**Task statement**
Where a picture appears, leave it out, and transcribe all the lines below exactly.

(Records provided Opens)

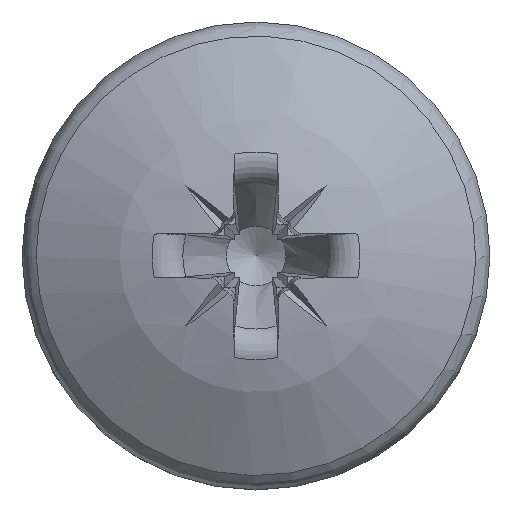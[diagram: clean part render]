
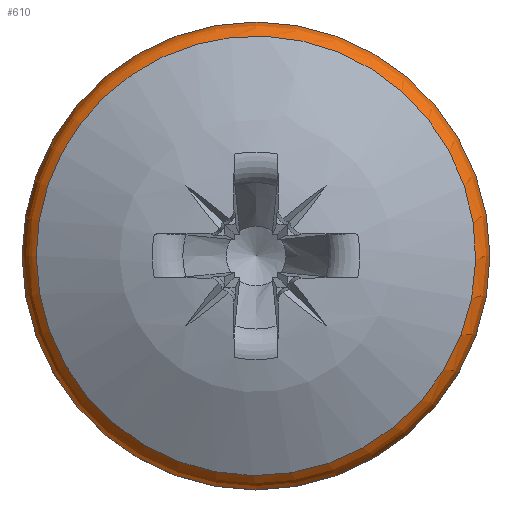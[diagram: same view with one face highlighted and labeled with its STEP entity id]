
A CAD part, top view. The second image highlights one B-rep face of the part: STEP entity #610.
In plain terms, the highlighted toroidal (fillet/blend) face has major radius 4.55 mm and minor radius 0.7 mm.
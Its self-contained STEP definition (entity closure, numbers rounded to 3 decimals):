
#516=TOROIDAL_SURFACE('',#2830,4.55,0.7);
#532=FACE_BOUND('',#964,.T.);
#533=FACE_BOUND('',#965,.T.);
#610=ADVANCED_FACE('',(#532,#533),#516,.T.);
#964=EDGE_LOOP('',(#1481));
#965=EDGE_LOOP('',(#1482));
#1076=CIRCLE('',#2715,4.932);
#1101=CIRCLE('',#2745,5.25);
#1481=ORIENTED_EDGE('',*,*,#2229,.F.);
#1482=ORIENTED_EDGE('',*,*,#2188,.F.);
#1955=VERTEX_POINT('',#5599);
#1994=VERTEX_POINT('',#5858);
#2188=EDGE_CURVE('',#1955,#1955,#1076,.T.);
#2229=EDGE_CURVE('',#1994,#1994,#1101,.T.);
#2715=AXIS2_PLACEMENT_3D('',#5598,#2848,#2849);
#2745=AXIS2_PLACEMENT_3D('',#5857,#2909,#2910);
#2830=AXIS2_PLACEMENT_3D('',#6289,#3139,#3140);
#2848=DIRECTION('',(0.,0.,1.));
#2849=DIRECTION('',(-1.,0.,0.));
#2909=DIRECTION('',(0.,0.,-1.));
#2910=DIRECTION('',(-1.,0.,0.));
#3139=DIRECTION('',(0.,0.,-1.));
#3140=DIRECTION('',(-1.,0.,0.));
#5598=CARTESIAN_POINT('',(0.,0.,2.737));
#5599=CARTESIAN_POINT('',(-4.932,0.,2.737));
#5857=CARTESIAN_POINT('',(0.,0.,2.15));
#5858=CARTESIAN_POINT('',(-5.25,0.,2.15));
#6289=CARTESIAN_POINT('',(0.,0.,2.15));

(Records provided Closes)

**Response to this task**
[diagram: clean part render]
[diagram: same view with one face highlighted and labeled with its STEP entity id]
A CAD part, top view. The second image highlights one B-rep face of the part: STEP entity #610.
In plain terms, the highlighted toroidal (fillet/blend) face has major radius 4.55 mm and minor radius 0.7 mm.
Its self-contained STEP definition (entity closure, numbers rounded to 3 decimals):
#516=TOROIDAL_SURFACE('',#2830,4.55,0.7);
#532=FACE_BOUND('',#964,.T.);
#533=FACE_BOUND('',#965,.T.);
#610=ADVANCED_FACE('',(#532,#533),#516,.T.);
#964=EDGE_LOOP('',(#1481));
#965=EDGE_LOOP('',(#1482));
#1076=CIRCLE('',#2715,4.932);
#1101=CIRCLE('',#2745,5.25);
#1481=ORIENTED_EDGE('',*,*,#2229,.F.);
#1482=ORIENTED_EDGE('',*,*,#2188,.F.);
#1955=VERTEX_POINT('',#5599);
#1994=VERTEX_POINT('',#5858);
#2188=EDGE_CURVE('',#1955,#1955,#1076,.T.);
#2229=EDGE_CURVE('',#1994,#1994,#1101,.T.);
#2715=AXIS2_PLACEMENT_3D('',#5598,#2848,#2849);
#2745=AXIS2_PLACEMENT_3D('',#5857,#2909,#2910);
#2830=AXIS2_PLACEMENT_3D('',#6289,#3139,#3140);
#2848=DIRECTION('',(0.,0.,1.));
#2849=DIRECTION('',(-1.,0.,0.));
#2909=DIRECTION('',(0.,0.,-1.));
#2910=DIRECTION('',(-1.,0.,0.));
#3139=DIRECTION('',(0.,0.,-1.));
#3140=DIRECTION('',(-1.,0.,0.));
#5598=CARTESIAN_POINT('',(0.,0.,2.737));
#5599=CARTESIAN_POINT('',(-4.932,0.,2.737));
#5857=CARTESIAN_POINT('',(0.,0.,2.15));
#5858=CARTESIAN_POINT('',(-5.25,0.,2.15));
#6289=CARTESIAN_POINT('',(0.,0.,2.15));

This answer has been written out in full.